Regardless of the source or reason for the lost data, we cannot ignore the simple fact that any BC/DR plan must include the secure and safe storage of backups or snapshots in an offsite location. This is what we call a BACKUP.
What I hear, far too often, is the common mistake that a fault tolerant system, either based on RAID or a server mirroring strategy, is mistakenly considered to be a Disaster Recovery solution. This could not be further from the truth.
It is wise to have a fail-over fail-back strategy for Tier-1 Mission Critical data. We support this approach in theory and in our solutions.
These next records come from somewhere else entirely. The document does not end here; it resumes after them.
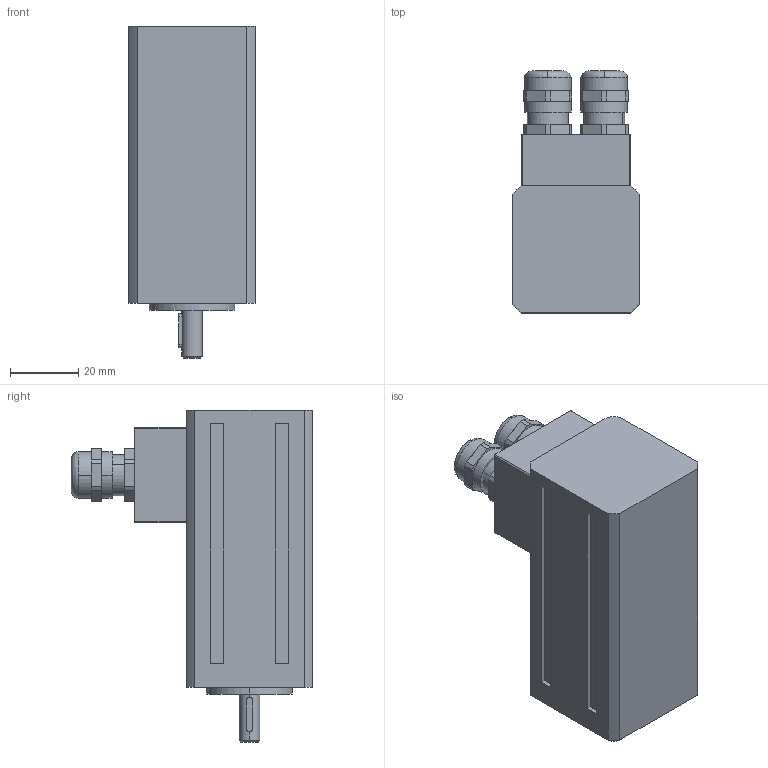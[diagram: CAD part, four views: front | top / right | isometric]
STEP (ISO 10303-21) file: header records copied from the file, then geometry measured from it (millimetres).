
FILE_DESCRIPTION(('STEP AP203'),'2;1');
FILE_NAME('MT1-0010.stp','2006-08-28T17:29:19',(''),(''),'2005.2.102','THINKDESIGN','');
FILE_SCHEMA(('CONFIG_CONTROL_DESIGN'));
Length unit declared in the file: millimetre
Bounding box: 37 x 70.6 x 97 mm (x, y, z)
Volume: 125012.3 mm3; surface area: 22932.2 mm2
Topology: 5 solids, 5 shells, 192 faces, 461 edges, 298 vertices
Faces by surface type: plane 82, cylinder 66, bspline 44
Entity records: 5950 total; most frequent: CARTESIAN_POINT 1399, DIRECTION 939, ORIENTED_EDGE 906, EDGE_CURVE 453, AXIS2_PLACEMENT_3D 342, VERTEX_POINT 298, VECTOR 255, LINE 255

It is not however a replacement for regular backups, which should be present both on-site, for rapid-recovery, and off-site, for recovery from more significant disasters.
If you are concerned about the quality and security of your BC/DR plan ask the following questions:
- Can we recover quickly, in less than an hour, from a local server failure or data loss?
- Can we rapidly resume IT operations in the event of a primary data center loss or failure?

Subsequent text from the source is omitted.